The cache has a hard size and time limit so that an attacker cannot force unbounded memory growth by simply never delivering certain messages. Signal's reference implementation uses a default of 1000 cached skipped keys, with old ones deleted as new ones arrive.

What the Double Ratchet Does Not Solve

For all its elegance, the Double Ratchet is only one piece of a complete messaging protocol. It assumes you already have a shared initial root key with the other party — typically established by Signal's X3DH key agreement, which uses long-term identity keys and pre-published one-time keys to bootstrap a session even if the recipient is offline.

It also does not handle groups. Group chats need a different construction, because pairwise Double Ratchets between every member scale poorly and don't agree on a shared state. This is the problem MLS (RFC 9420) was designed to solve.

Property PGP TLS 1.3 Double Ratchet
Forward secrecy No Yes (per session) Yes (per message)
Post-compromise security No No Yes
Async (recipient offline) Yes No Yes (with X3DH)
Group messaging Awkward No Use MLS

Identity Verification Is Still Your Job

The Double Ratchet protects you against passive eavesdroppers and against an attacker who steals key material at one point in time. It does not protect you against an active attacker who controls the channel from the beginning of the session and feeds each side a different identity key.
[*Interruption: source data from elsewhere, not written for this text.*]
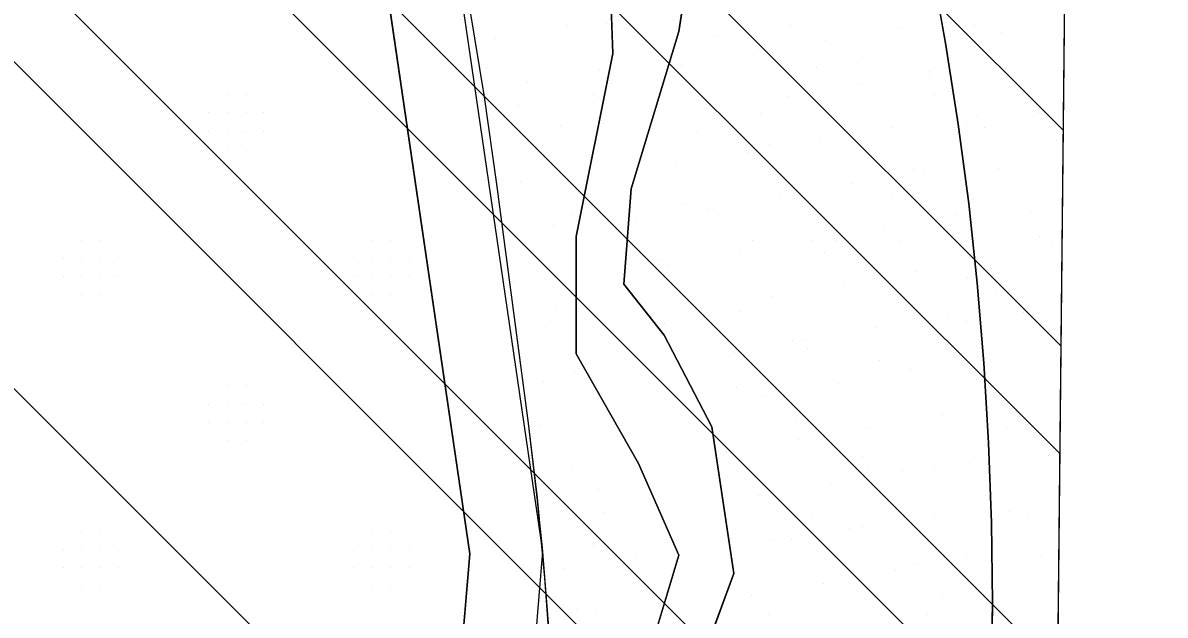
# Model space of a CAD drawing. Extents: x 419109 to 421295, y 4452223 to 4457798.
# Drawn here: x 421060 to 421295.4, y 4455666.6 to 4455788.6 of the extents above; entities that cross this region are included whole.
import ezdxf

# ---------------------------------------------------------------- set-up
doc = ezdxf.new("R2010")
doc.units = 0
for name, color, linetype in [('ADAKENARI', 7, 'Continuous'), ('Default', 7, 'Continuous'), ('PAFTALAMA', 7, 'Continuous'), ('PL_AYA_BOLGE_PARKI', 7, 'Continuous'), ('PL_AYA_PARK_DINLENME', 7, 'Continuous'), ('PL_T_GUNUBIRLIK', 7, 'Continuous'), ('PL_TA_K_DERE', 7, 'Continuous'), ('SN_TR_SIVILASMA', 7, 'Continuous'), ('TR_PARKALANI', 7, 'Continuous'), ('TRFAT_GUNUBİRLİK', 7, 'Continuous')]:
    doc.layers.add(name, color=color, linetype=linetype)

# ---------------------------------------------------------------- blocks, each defined once
blk = doc.blocks.new('POINT_DISPLAY')
at = {"layer": 'Default'}
blk.add_line((0, 0), (0, 0), dxfattribs=at)

msp = doc.modelspace()

# ---------------------------------------------------------------- linework, layer by layer
at = {"layer": 'ADAKENARI'}
for p, q in [((421181.6, 4455782.36), (421179.42, 4455840.61)), ((421198.96, 4455811.79), (421195.18, 4455786.88)), ((421167.19, 4455679.67), (421148.54, 4455806.98)), ((421152.1, 4455679.21), (421133.7, 4455804.79)), ((421250.21, 4455784.03), (421247.29, 4455800.26)), ((421195.18, 4455786.88), (421185.37, 4455754.43)), ((421252.74, 4455767.74), (421250.21, 4455784.03)), ((421174.05, 4455744.62), (421181.6, 4455782.36)), ((421254.89, 4455751.39), (421252.74, 4455767.74)), ((421185.37, 4455754.43), (421183.86, 4455734.81)), ((421256.64, 4455734.99), (421254.89, 4455751.39)), ((421174.05, 4455720.47), (421174.05, 4455744.62)), ((421183.86, 4455734.81), (421192.17, 4455724.25)), ((421258.01, 4455718.56), (421256.64, 4455734.99)), ((421192.17, 4455724.25), (421201.98, 4455705.38)), ((421186.88, 4455697.83), (421174.05, 4455720.47)), ((421258.99, 4455702.09), (421258.01, 4455718.56)), ((421201.98, 4455705.38), (421206.51, 4455675.19)), ((421259.58, 4455685.61), (421258.99, 4455702.09)), ((421195.18, 4455678.97), (421186.88, 4455697.83)), ((421259.77, 4455669.13), (421259.58, 4455685.61)), ((421158.19, 4455573.05), (421167.19, 4455679.67)), ((421144.29, 4455586.77), (421152.1, 4455679.21)), ((421186.13, 4455648.78), (421195.18, 4455678.97)), ((421206.51, 4455675.19), (421201.22, 4455660.85)), ((421259.58, 4455652.64), (421259.77, 4455669.13))]:
    msp.add_line(p, q, dxfattribs=at)
msp.add_arc((420521.66, 4455621.29), 648.11, 352.89129, 7.52382, dxfattribs=at)
at = {"layer": 'PAFTALAMA'}
msp.add_lwpolyline([(419168.18, 4457798.01), (419138.44, 4455021.89), (421266.41, 4454999.4), (421295.36, 4457775.52)], dxfattribs=at)
at = {"layer": 'PL_AYA_BOLGE_PARKI'}
msp.add_line((421271.52, 4455489.32), (421283.96, 4456682.26), dxfattribs=at)
msp.add_lwpolyline([(421216.89, 4455920.89), (421236.23, 4455848.47), (421240.3, 4455832.49), (421243.98, 4455816.42), (421247.29, 4455800.26), (421250.21, 4455784.03), (421252.74, 4455767.74), (421254.89, 4455751.39), (421256.64, 4455734.99), (421258.01, 4455718.56), (421258.99, 4455702.09), (421259.58, 4455685.61), (421259.77, 4455669.13), (421259.58, 4455652.64), (421258.99, 4455636.16), (421258.01, 4455619.7), (421256.64, 4455603.26), (421254.88, 4455586.87), (421252.74, 4455570.52), (421250.21, 4455554.22), (421247.29, 4455537.99), (421243.98, 4455521.84), (421240.3, 4455505.76), (421271.52, 4455489.32)], dxfattribs=at)
at = {"layer": 'PL_AYA_PARK_DINLENME'}
for points in [[(421128.16, 4456002.78), (421151.46, 4455956.18), (421161.71, 4455898.39), (421179.42, 4455840.61), (421181.6, 4455782.36), (421174.05, 4455744.62), (421174.05, 4455720.47), (421186.88, 4455697.83), (421195.18, 4455678.97), (421186.13, 4455648.78), (421172.54, 4455608.78), (421170.28, 4455589.91), (421180.09, 4455564.26), (421178.58, 4455549.16), (421174.81, 4455545.39), (421170.82, 4455538.15)], [(421168.71, 4455658.29), (421167.6, 4455674.28), (421166.09, 4455690.23), (421164.19, 4455706.15), (421157.68, 4455755.43), (421157.68, 4455755.42), (421155.11, 4455773.39), (421152.17, 4455791.3), (421148.85, 4455809.15), (421145.15, 4455826.92), (421141.09, 4455844.61), (421136.64, 4455862.22), (421131.83, 4455879.72), (421126.66, 4455897.12), (421121.11, 4455914.4), (421115.21, 4455931.57), (421108.94, 4455948.61), (421102.32, 4455965.51), (421095.34, 4455982.27)], [(421180.89, 4455533.26), (421185.37, 4455543.12), (421189.15, 4455562.75), (421185.37, 4455581.61), (421187.64, 4455605.76), (421201.22, 4455660.85), (421206.51, 4455675.19), (421201.98, 4455705.38), (421192.17, 4455724.25), (421183.86, 4455734.81), (421185.37, 4455754.43), (421195.18, 4455786.88), (421198.96, 4455811.79), (421197.45, 4455846.5), (421189.15, 4455863.11), (421172.54, 4455895.56), (421163.49, 4455946.88), (421152.17, 4455978.57)], [(421201.25, 4455972.48), (421206.84, 4455955.4), (421212.06, 4455938.2), (421216.89, 4455920.89), (421236.23, 4455848.47), (421240.3, 4455832.49), (421243.98, 4455816.42), (421247.29, 4455800.26), (421250.21, 4455784.03), (421252.74, 4455767.74), (421254.89, 4455751.39), (421256.64, 4455734.99), (421258.01, 4455718.56), (421258.99, 4455702.09), (421259.58, 4455685.61), (421259.77, 4455669.13), (421259.58, 4455652.64)]]:
    msp.add_lwpolyline(points, dxfattribs=at)
at = {"layer": 'PL_T_GUNUBIRLIK'}
msp.add_lwpolyline([(421067.57, 4456024.2), (421099.86, 4455958.61), (421115.11, 4455906.97), (421126.3, 4455854.38), (421133.7, 4455804.79), (421152.1, 4455679.21), (421144.29, 4455586.77)], dxfattribs=at)
at = {"layer": 'PL_TA_K_DERE'}
for points in [[(421128.16, 4456002.78), (421151.46, 4455956.18), (421161.71, 4455898.39), (421179.42, 4455840.61), (421181.6, 4455782.36), (421174.05, 4455744.62), (421174.05, 4455720.47), (421186.88, 4455697.83), (421195.18, 4455678.97), (421186.13, 4455648.78), (421172.54, 4455608.78), (421170.28, 4455589.91), (421180.09, 4455564.26), (421178.58, 4455549.16), (421174.81, 4455545.39), (421170.94, 4455538.38)], [(421180.98, 4455533.46), (421185.37, 4455543.12), (421189.15, 4455562.75), (421185.37, 4455581.61), (421187.64, 4455605.76), (421201.22, 4455660.85), (421206.51, 4455675.19), (421201.98, 4455705.38), (421192.17, 4455724.25), (421183.86, 4455734.81), (421185.37, 4455754.43), (421195.18, 4455786.88), (421198.96, 4455811.79), (421197.45, 4455846.5), (421189.15, 4455863.11), (421172.54, 4455895.56), (421163.49, 4455946.88), (421152.17, 4455978.57)]]:
    msp.add_lwpolyline(points, dxfattribs=at)
at = {"layer": 'SN_TR_SIVILASMA'}
for p, q in [((421274.41, 4455766.47), (420135.66, 4456905.22)), ((421273.94, 4455722.03), (420248.84, 4456747.14)), ((421273.71, 4455699.81), (420266.8, 4456706.72)), ((421273.25, 4455655.37), (420276.01, 4456652.61)), ((421273.02, 4455633.15), (420276.28, 4456629.89)), ((421272.55, 4455588.71), (420264.03, 4456597.24)), ((421272.32, 4455566.5), (420257.91, 4456580.91)), ((421271.63, 4455499.84), (420239.54, 4456531.93))]:
    msp.add_line(p, q, dxfattribs=at)
at = {"layer": 'TRFAT_GUNUBİRLİK'}
for p, q in [((421102.1, 4455773.82), (421102.1, 4455773.82)), ((421105.85, 4455773.82), (421105.85, 4455773.82)), ((421098.35, 4455770.07), (421098.35, 4455770.07)), ((421102.1, 4455770.07), (421102.1, 4455770.07)), ((421105.85, 4455770.07), (421105.85, 4455770.07)), ((421109.6, 4455770.07), (421109.6, 4455770.07)), ((421098.35, 4455766.32), (421098.35, 4455766.32)), ((421102.1, 4455766.32), (421102.1, 4455766.32)), ((421105.85, 4455766.32), (421105.85, 4455766.32)), ((421109.6, 4455766.32), (421109.6, 4455766.32)), ((421102.1, 4455762.57), (421102.1, 4455762.57)), ((421105.85, 4455762.57), (421105.85, 4455762.57)), ((421072.1, 4455743.82), (421072.1, 4455743.82)), ((421075.85, 4455743.82), (421075.85, 4455743.82)), ((421132.1, 4455743.82), (421132.1, 4455743.82)), ((421135.85, 4455743.82), (421135.85, 4455743.82)), ((421068.35, 4455740.07), (421068.35, 4455740.07)), ((421072.1, 4455740.07), (421072.1, 4455740.07)), ((421075.85, 4455740.07), (421075.85, 4455740.07)), ((421079.6, 4455740.07), (421079.6, 4455740.07)), ((421128.35, 4455740.07), (421128.35, 4455740.07)), ((421132.1, 4455740.07), (421132.1, 4455740.07)), ((421135.85, 4455740.07), (421135.85, 4455740.07)), ((421139.6, 4455740.07), (421139.6, 4455740.07)), ((421068.35, 4455736.32), (421068.35, 4455736.32)), ((421072.1, 4455736.32), (421072.1, 4455736.32)), ((421075.85, 4455736.32), (421075.85, 4455736.32)), ((421079.6, 4455736.32), (421079.6, 4455736.32)), ((421128.35, 4455736.32), (421128.35, 4455736.32)), ((421132.1, 4455736.32), (421132.1, 4455736.32)), ((421135.85, 4455736.32), (421135.85, 4455736.32)), ((421139.6, 4455736.32), (421139.6, 4455736.32)), ((421072.1, 4455732.57), (421072.1, 4455732.57)), ((421075.85, 4455732.57), (421075.85, 4455732.57)), ((421132.1, 4455732.57), (421132.1, 4455732.57)), ((421135.85, 4455732.57), (421135.85, 4455732.57)), ((421102.1, 4455713.82), (421102.1, 4455713.82)), ((421105.85, 4455713.82), (421105.85, 4455713.82)), ((421098.35, 4455710.07), (421098.35, 4455710.07)), ((421102.1, 4455710.07), (421102.1, 4455710.07)), ((421105.85, 4455710.07), (421105.85, 4455710.07)), ((421109.6, 4455710.07), (421109.6, 4455710.07)), ((421098.35, 4455706.32), (421098.35, 4455706.32)), ((421102.1, 4455706.32), (421102.1, 4455706.32)), ((421105.85, 4455706.32), (421105.85, 4455706.32)), ((421109.6, 4455706.32), (421109.6, 4455706.32)), ((421102.1, 4455702.57), (421102.1, 4455702.57)), ((421105.85, 4455702.57), (421105.85, 4455702.57)), ((421072.1, 4455683.82), (421072.1, 4455683.82)), ((421075.85, 4455683.82), (421075.85, 4455683.82)), ((421132.1, 4455683.82), (421132.1, 4455683.82)), ((421135.85, 4455683.82), (421135.85, 4455683.82)), ((421068.35, 4455680.07), (421068.35, 4455680.07)), ((421072.1, 4455680.07), (421072.1, 4455680.07)), ((421075.85, 4455680.07), (421075.85, 4455680.07)), ((421079.6, 4455680.07), (421079.6, 4455680.07)), ((421128.35, 4455680.07), (421128.35, 4455680.07)), ((421132.1, 4455680.07), (421132.1, 4455680.07)), ((421135.85, 4455680.07), (421135.85, 4455680.07)), ((421139.6, 4455680.07), (421139.6, 4455680.07)), ((421068.35, 4455676.32), (421068.35, 4455676.32)), ((421072.1, 4455676.32), (421072.1, 4455676.32)), ((421075.85, 4455676.32), (421075.85, 4455676.32)), ((421079.6, 4455676.32), (421079.6, 4455676.32)), ((421128.35, 4455676.32), (421128.35, 4455676.32)), ((421132.1, 4455676.32), (421132.1, 4455676.32)), ((421135.85, 4455676.32), (421135.85, 4455676.32)), ((421139.6, 4455676.32), (421139.6, 4455676.32)), ((421072.1, 4455672.57), (421072.1, 4455672.57)), ((421075.85, 4455672.57), (421075.85, 4455672.57)), ((421132.1, 4455672.57), (421132.1, 4455672.57)), ((421135.85, 4455672.57), (421135.85, 4455672.57))]:
    msp.add_line(p, q, dxfattribs=at)

# ---------------------------------------------------------------- block references
at = {"layer": 'TR_PARKALANI', "xscale": 0.1, "yscale": 0.10000000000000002}
for p in [(421172.21, 4455788), (421180.23, 4455788.61), (421218.24, 4455788.2), (421255.81, 4455788.14), (421202.6, 4455785.88), (421240.34, 4455787.6), (421261.71, 4455786.69), (421157.44, 4455785.4), (421225.57, 4455785), (421210.8, 4455782.39), (421178.87, 4455779.02), (421196.03, 4455779.79), (421223.45, 4455779.52), (421232.14, 4455780.67), (421247, 4455778.62), (421262.47, 4455779.16), (421164.1, 4455776.42), (421246.91, 4455778.07), (421177.62, 4455773.84), (421232.23, 4455776.02), (421247.8, 4455773.85), (421161.98, 4455771.52), (421178.52, 4455773.04), (421217.46, 4455773.41), (421202.69, 4455770.81), (421211.96, 4455769.88), (421256.63, 4455769.3), (421269.13, 4455770.18), (421170.76, 4455767.44), (421238.89, 4455767.04), (421254.35, 4455767.57), (421258.23, 4455766.99), (421199.12, 4455766.18), (421224.12, 4455764.43), (421229.53, 4455765.9), (421273.01, 4455764.39), (421167.03, 4455763.4), (421213.89, 4455763.58), (421209.35, 4455761.83), (421194.58, 4455759.22), (421243.44, 4455758.37), (421245.55, 4455758.06), (421261.01, 4455758.59), (421162.65, 4455755.85), (421230.78, 4455755.45), (421216.01, 4455752.85), (421238.91, 4455753.33), (421158.51, 4455751.82), (421196.52, 4455751.41), (421201.24, 4455750.24), (421255.63, 4455752.22), (421173.28, 4455749.22), (421203.07, 4455749.37), (421252.21, 4455749.08), (421267.68, 4455749.61), (421169.31, 4455746.87), (421186.46, 4455747.64), (421237.44, 4455746.47), (421210.42, 4455743.88), (421222.67, 4455743.87), (421227.42, 4455743.69), (421240.83, 4455743.6), (421269.53, 4455744.69), (421207.9, 4455741.26), (421225.19, 4455741.28), (421272.08, 4455743.1), (421191.58, 4455739.72), (421193.12, 4455738.66), (421244.1, 4455737.49), (421254.74, 4455736.07), (421259.56, 4455738.03), (421161.2, 4455735.29), (421229.33, 4455734.89), (421214.56, 4455732.28), (421260.59, 4455733.46), (421169.81, 4455729.52), (421199.79, 4455729.68), (421207.82, 4455729.11), (421266.22, 4455729.05), (421266.93, 4455729.92), (421192.18, 4455726.79), (421250.76, 4455728.51), (421254.36, 4455727.13), (421167.86, 4455726.31), (421235.99, 4455725.91), (421218.52, 4455723.17), (421221.22, 4455723.3), (421206.45, 4455720.7), (421221.72, 4455721.58), (421252.13, 4455721.3), (421272.88, 4455720.07), (421174.52, 4455717.33), (421236.49, 4455718.98), (421242.87, 4455717.49), (421257.42, 4455719.53), (421258.11, 4455717.46), (421173.59, 4455716.69), (421242.65, 4455716.93), (421167.21, 4455714.75), (421207.03, 4455713.53), (421227.88, 4455714.32), (421213.11, 4455711.72), (421249.31, 4455707.95), (421264.77, 4455708.48), (421166.41, 4455705.74), (421181.11, 4455707.22), (421219.12, 4455706.81), (421203.48, 4455704.49), (421234.54, 4455705.34), (421262.59, 4455705.3), (421219.77, 4455702.74), (421204.99, 4455700.14), (421233.02, 4455699.28), (421255.97, 4455698.97), (421271.43, 4455699.5), (421173.07, 4455696.76), (421233.98, 4455696.98), (421241.2, 4455696.36), (421247.79, 4455696.68), (421226.43, 4455693.76), (421178.51, 4455692.45), (421189.04, 4455690.5), (421211.66, 4455691.16), (421258.32, 4455691.3), (421179.73, 4455687.78), (421222.49, 4455687.33), (421247.86, 4455687.39), (421263.32, 4455687.92), (421267.15, 4455686.75), (421192.41, 4455684.92), (421230.41, 4455684.51), (421233.09, 4455684.78), (421214.77, 4455682.19), (421218.32, 4455682.18), (421177.55, 4455680.85), (421186.39, 4455678.8), (421254.52, 4455678.41), (421269.98, 4455678.94), (421171.62, 4455676.2), (421239.75, 4455675.8), (421244.32, 4455676.98), (421224.98, 4455673.2), (421259.09, 4455674.37), (421210.2, 4455670.59), (421249.43, 4455670.78), (421174.16, 4455667.83), (421189.8, 4455670.15), (421178.28, 4455667.22), (421213.59, 4455666.82), (421246.41, 4455666.82), (421261.87, 4455667.35)]:
    msp.add_blockref('POINT_DISPLAY', p, dxfattribs=at)

doc.saveas('drawing.dxf')

This is why Signal, WhatsApp, and most modern messengers support safety number or fingerprint verification — comparing a hash of both parties' long-term identity keys through some out-of-band channel. TOFU (trust on first use) is the common default, but it only works if the first use was not already compromised.

Why This Algorithm Won

The Double Ratchet was not the first attempt to combine forward secrecy with key continuity. OTR (Off-the-Record) Messaging, from 2004, pioneered the idea of using ephemeral DH keys for forward secrecy in chat. But OTR was synchronous and didn't handle offline recipients well, which made it unsuitable for mobile messaging.

The Double Ratchet's contribution was making the construction work asynchronously, with no requirement that both parties be online at once, and with bounded state. That made it practical for the mobile-first messaging era, which is why it ended up inside the most-used encrypted apps in the world.

The specification is published openly. The Signal Protocol documentation contains the full algorithm with test vectors, and multiple independent implementations exist in Rust, Java, Swift, and C++. The combination of strong properties, public specification, and broad real-world deployment is a rare thing in cryptography. It is worth understanding even if you never implement it yourself, because the threat model it addresses is the one every modern messenger must claim to address.